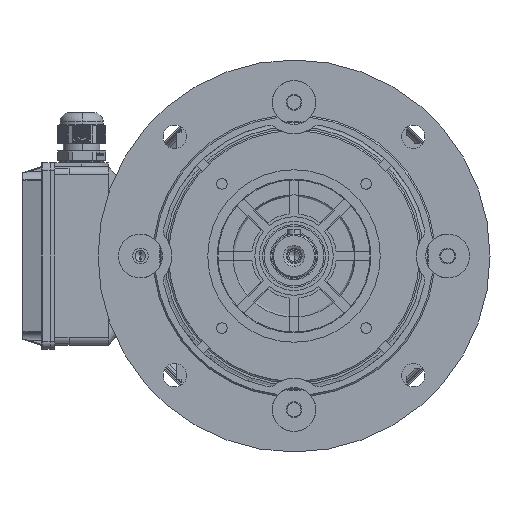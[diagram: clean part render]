
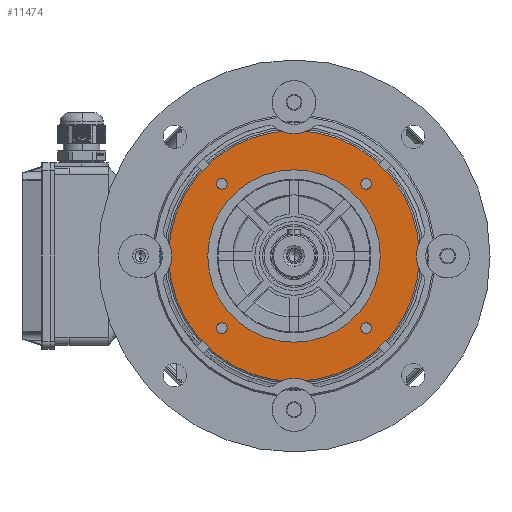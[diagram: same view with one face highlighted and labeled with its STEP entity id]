
A CAD part, left-side view. The second image highlights one B-rep face of the part: STEP entity #11474.
In plain terms, the highlighted planar face has unit normal (-1, 0, 0).
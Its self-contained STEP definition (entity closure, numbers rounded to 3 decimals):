
#11363 = EDGE_CURVE ( 'NONE', #29141, #29070, #128521, .T. ) ;
#11364 = ORIENTED_EDGE ( 'NONE', *, *, #11506, .T. ) ;
#11366 = EDGE_LOOP ( 'NONE', ( #11373, #11441 ) ) ;
#11373 = ORIENTED_EDGE ( 'NONE', *, *, #11550, .T. ) ;
#11439 = EDGE_CURVE ( 'NONE', #35319, #35778, #128575, .T. ) ;
#11441 = ORIENTED_EDGE ( 'NONE', *, *, #33239, .T. ) ;
#11449 = ORIENTED_EDGE ( 'NONE', *, *, #31731, .T. ) ;
#11454 = EDGE_LOOP ( 'NONE', ( #11486, #11449 ) ) ;
#11458 = EDGE_LOOP ( 'NONE', ( #11364, #11467 ) ) ;
#11463 = EDGE_CURVE ( 'NONE', #31733, #31659, #128633, .T. ) ;
#11467 = ORIENTED_EDGE ( 'NONE', *, *, #31632, .T. ) ;
#11474 = ADVANCED_FACE ( 'NONE', ( #128614, #128573, #128625, #128620, #128616, #128609 ), #128621, .F. ) ;
#11486 = ORIENTED_EDGE ( 'NONE', *, *, #11463, .T. ) ;
#11489 = EDGE_LOOP ( 'NONE', ( #11499, #11548 ) ) ;
#11499 = ORIENTED_EDGE ( 'NONE', *, *, #11363, .T. ) ;
#11506 = EDGE_CURVE ( 'NONE', #31627, #31744, #128615, .T. ) ;
#11538 = EDGE_LOOP ( 'NONE', ( #11542, #11580 ) ) ;
#11542 = ORIENTED_EDGE ( 'NONE', *, *, #35837, .T. ) ;
#11548 = ORIENTED_EDGE ( 'NONE', *, *, #29062, .T. ) ;
#11550 = EDGE_CURVE ( 'NONE', #33100, #33241, #128672, .T. ) ;
#11561 = ORIENTED_EDGE ( 'NONE', *, *, #11572, .F. ) ;
#11568 = EDGE_LOOP ( 'NONE', ( #11570, #11561 ) ) ;
#11570 = ORIENTED_EDGE ( 'NONE', *, *, #35432, .F. ) ;
#11572 = EDGE_CURVE ( 'NONE', #35383, #35434, #128715, .T. ) ;
#11580 = ORIENTED_EDGE ( 'NONE', *, *, #11439, .T. ) ;
#29062 = EDGE_CURVE ( 'NONE', #29070, #29141, #67993, .T. ) ;
#29070 = VERTEX_POINT ( 'NONE', #68018 ) ;
#29141 = VERTEX_POINT ( 'NONE', #68111 ) ;
#31627 = VERTEX_POINT ( 'NONE', #71345 ) ;
#31632 = EDGE_CURVE ( 'NONE', #31744, #31627, #71341, .T. ) ;
#31659 = VERTEX_POINT ( 'NONE', #71375 ) ;
#31731 = EDGE_CURVE ( 'NONE', #31659, #31733, #71446, .T. ) ;
#31733 = VERTEX_POINT ( 'NONE', #71479 ) ;
#31744 = VERTEX_POINT ( 'NONE', #71473 ) ;
#33100 = VERTEX_POINT ( 'NONE', #76270 ) ;
#33239 = EDGE_CURVE ( 'NONE', #33241, #33100, #77277, .T. ) ;
#33241 = VERTEX_POINT ( 'NONE', #76554 ) ;
#35319 = VERTEX_POINT ( 'NONE', #87183 ) ;
#35383 = VERTEX_POINT ( 'NONE', #87301 ) ;
#35432 = EDGE_CURVE ( 'NONE', #35434, #35383, #87322, .T. ) ;
#35434 = VERTEX_POINT ( 'NONE', #87336 ) ;
#35778 = VERTEX_POINT ( 'NONE', #87673 ) ;
#35837 = EDGE_CURVE ( 'NONE', #35778, #35319, #87810, .T. ) ;
#67993 = CIRCLE ( 'NONE', #68026, 3.4 ) ;
#68013 = DIRECTION ( 'NONE',  ( 0., 0., -1. ) ) ;
#68014 = DIRECTION ( 'NONE',  ( 1., 0., 0. ) ) ;
#68015 = CARTESIAN_POINT ( 'NONE',  ( -16., -45.962, -45.962 ) ) ;
#68018 = CARTESIAN_POINT ( 'NONE',  ( -16., -45.962, -42.562 ) ) ;
#68026 = AXIS2_PLACEMENT_3D ( 'NONE', #68015, #68014, #68013 ) ;
#68111 = CARTESIAN_POINT ( 'NONE',  ( -16., -45.962, -49.362 ) ) ;
#71334 = AXIS2_PLACEMENT_3D ( 'NONE', #71344, #71394, #71393 ) ;
#71341 = CIRCLE ( 'NONE', #71334, 3.4 ) ;
#71344 = CARTESIAN_POINT ( 'NONE',  ( -16., -45.962, 45.962 ) ) ;
#71345 = CARTESIAN_POINT ( 'NONE',  ( -16., -45.962, 42.562 ) ) ;
#71375 = CARTESIAN_POINT ( 'NONE',  ( -16., 45.962, 49.362 ) ) ;
#71393 = DIRECTION ( 'NONE',  ( 0., 0., -1. ) ) ;
#71394 = DIRECTION ( 'NONE',  ( 1., 0., 0. ) ) ;
#71446 = CIRCLE ( 'NONE', #71478, 3.4 ) ;
#71473 = CARTESIAN_POINT ( 'NONE',  ( -16., -45.962, 49.362 ) ) ;
#71476 = DIRECTION ( 'NONE',  ( 0., 0., -1. ) ) ;
#71477 = DIRECTION ( 'NONE',  ( 1., 0., 0. ) ) ;
#71478 = AXIS2_PLACEMENT_3D ( 'NONE', #71487, #71477, #71476 ) ;
#71479 = CARTESIAN_POINT ( 'NONE',  ( -16., 45.962, 42.562 ) ) ;
#71487 = CARTESIAN_POINT ( 'NONE',  ( -16., 45.962, 45.962 ) ) ;
#76270 = CARTESIAN_POINT ( 'NONE',  ( -16., 45.962, -49.362 ) ) ;
#76452 = DIRECTION ( 'NONE',  ( 0., 0., -1. ) ) ;
#76453 = DIRECTION ( 'NONE',  ( 1., 0., 0. ) ) ;
#76554 = CARTESIAN_POINT ( 'NONE',  ( -16., 45.962, -42.562 ) ) ;
#77262 = CARTESIAN_POINT ( 'NONE',  ( -16., 45.962, -45.962 ) ) ;
#77271 = AXIS2_PLACEMENT_3D ( 'NONE', #77262, #76453, #76452 ) ;
#77277 = CIRCLE ( 'NONE', #77271, 3.4 ) ;
#87183 = CARTESIAN_POINT ( 'NONE',  ( -16., 0., -80. ) ) ;
#87301 = CARTESIAN_POINT ( 'NONE',  ( -16., 0., -55. ) ) ;
#87318 = DIRECTION ( 'NONE',  ( 0., 0., 1. ) ) ;
#87319 = DIRECTION ( 'NONE',  ( -1., 0., 0. ) ) ;
#87320 = AXIS2_PLACEMENT_3D ( 'NONE', #87326, #87319, #87318 ) ;
#87322 = CIRCLE ( 'NONE', #87320, 55. ) ;
#87326 = CARTESIAN_POINT ( 'NONE',  ( -16., 0., 0. ) ) ;
#87336 = CARTESIAN_POINT ( 'NONE',  ( -16., 0., 55. ) ) ;
#87673 = CARTESIAN_POINT ( 'NONE',  ( -16., 0., 80. ) ) ;
#87777 = DIRECTION ( 'NONE',  ( 0., 0., 1. ) ) ;
#87778 = DIRECTION ( 'NONE',  ( -1., 0., 0. ) ) ;
#87779 = AXIS2_PLACEMENT_3D ( 'NONE', #87784, #87778, #87777 ) ;
#87784 = CARTESIAN_POINT ( 'NONE',  ( -16., 0., 0. ) ) ;
#87810 = CIRCLE ( 'NONE', #87779, 80. ) ;
#127166 = DIRECTION ( 'NONE',  ( 0., 0., -1. ) ) ;
#128508 = DIRECTION ( 'NONE',  ( 0., 0., -1. ) ) ;
#128509 = DIRECTION ( 'NONE',  ( 1., 0., 0. ) ) ;
#128510 = CARTESIAN_POINT ( 'NONE',  ( -16., -45.962, -45.962 ) ) ;
#128521 = CIRCLE ( 'NONE', #128536, 3.4 ) ;
#128536 = AXIS2_PLACEMENT_3D ( 'NONE', #128510, #128509, #128508 ) ;
#128569 = DIRECTION ( 'NONE',  ( 0., 0., 1. ) ) ;
#128570 = DIRECTION ( 'NONE',  ( -1., 0., 0. ) ) ;
#128572 = AXIS2_PLACEMENT_3D ( 'NONE', #128624, #128623, #128622 ) ;
#128573 = FACE_BOUND ( 'NONE', #11458, .T. ) ;
#128575 = CIRCLE ( 'NONE', #128582, 80. ) ;
#128582 = AXIS2_PLACEMENT_3D ( 'NONE', #128583, #128570, #128569 ) ;
#128583 = CARTESIAN_POINT ( 'NONE',  ( -16., 0., 0. ) ) ;
#128602 = DIRECTION ( 'NONE',  ( 0., 0., -1. ) ) ;
#128603 = DIRECTION ( 'NONE',  ( 1., 0., 0. ) ) ;
#128604 = CARTESIAN_POINT ( 'NONE',  ( -16., 55., 0. ) ) ;
#128609 = FACE_BOUND ( 'NONE', #11568, .T. ) ;
#128614 = FACE_BOUND ( 'NONE', #11454, .T. ) ;
#128615 = CIRCLE ( 'NONE', #128654, 3.4 ) ;
#128616 = FACE_OUTER_BOUND ( 'NONE', #11538, .T. ) ;
#128620 = FACE_BOUND ( 'NONE', #11366, .T. ) ;
#128621 = PLANE ( 'NONE',  #128626 ) ;
#128622 = DIRECTION ( 'NONE',  ( 0., 0., -1. ) ) ;
#128623 = DIRECTION ( 'NONE',  ( 1., 0., 0. ) ) ;
#128624 = CARTESIAN_POINT ( 'NONE',  ( -16., 45.962, 45.962 ) ) ;
#128625 = FACE_BOUND ( 'NONE', #11489, .T. ) ;
#128626 = AXIS2_PLACEMENT_3D ( 'NONE', #128604, #128603, #128602 ) ;
#128633 = CIRCLE ( 'NONE', #128572, 3.4 ) ;
#128649 = DIRECTION ( 'NONE',  ( 0., 0., -1. ) ) ;
#128650 = DIRECTION ( 'NONE',  ( 1., 0., 0. ) ) ;
#128654 = AXIS2_PLACEMENT_3D ( 'NONE', #128666, #128650, #128649 ) ;
#128666 = CARTESIAN_POINT ( 'NONE',  ( -16., -45.962, 45.962 ) ) ;
#128667 = DIRECTION ( 'NONE',  ( 1., 0., 0. ) ) ;
#128668 = CARTESIAN_POINT ( 'NONE',  ( -16., 45.962, -45.962 ) ) ;
#128672 = CIRCLE ( 'NONE', #128679, 3.4 ) ;
#128679 = AXIS2_PLACEMENT_3D ( 'NONE', #128668, #128667, #127166 ) ;
#128704 = DIRECTION ( 'NONE',  ( 0., 0., 1. ) ) ;
#128705 = DIRECTION ( 'NONE',  ( -1., 0., 0. ) ) ;
#128706 = CARTESIAN_POINT ( 'NONE',  ( -16., 0., 0. ) ) ;
#128711 = AXIS2_PLACEMENT_3D ( 'NONE', #128706, #128705, #128704 ) ;
#128715 = CIRCLE ( 'NONE', #128711, 55. ) ;

----------------

◆ **ASSIGNED TASK**
The lines from the one containing "#128654 = AXIS2_PLACEMENT_3D" through the last line of the records are to be transcribed exactly, with nothing else added.

◆ **WRITTEN ANSWER**
#128654 = AXIS2_PLACEMENT_3D ( 'NONE', #128666, #128650, #128649 ) ;
#128666 = CARTESIAN_POINT ( 'NONE',  ( -16., -45.962, 45.962 ) ) ;
#128667 = DIRECTION ( 'NONE',  ( 1., 0., 0. ) ) ;
#128668 = CARTESIAN_POINT ( 'NONE',  ( -16., 45.962, -45.962 ) ) ;
#128672 = CIRCLE ( 'NONE', #128679, 3.4 ) ;
#128679 = AXIS2_PLACEMENT_3D ( 'NONE', #128668, #128667, #127166 ) ;
#128704 = DIRECTION ( 'NONE',  ( 0., 0., 1. ) ) ;
#128705 = DIRECTION ( 'NONE',  ( -1., 0., 0. ) ) ;
#128706 = CARTESIAN_POINT ( 'NONE',  ( -16., 0., 0. ) ) ;
#128711 = AXIS2_PLACEMENT_3D ( 'NONE', #128706, #128705, #128704 ) ;
#128715 = CIRCLE ( 'NONE', #128711, 55. ) ;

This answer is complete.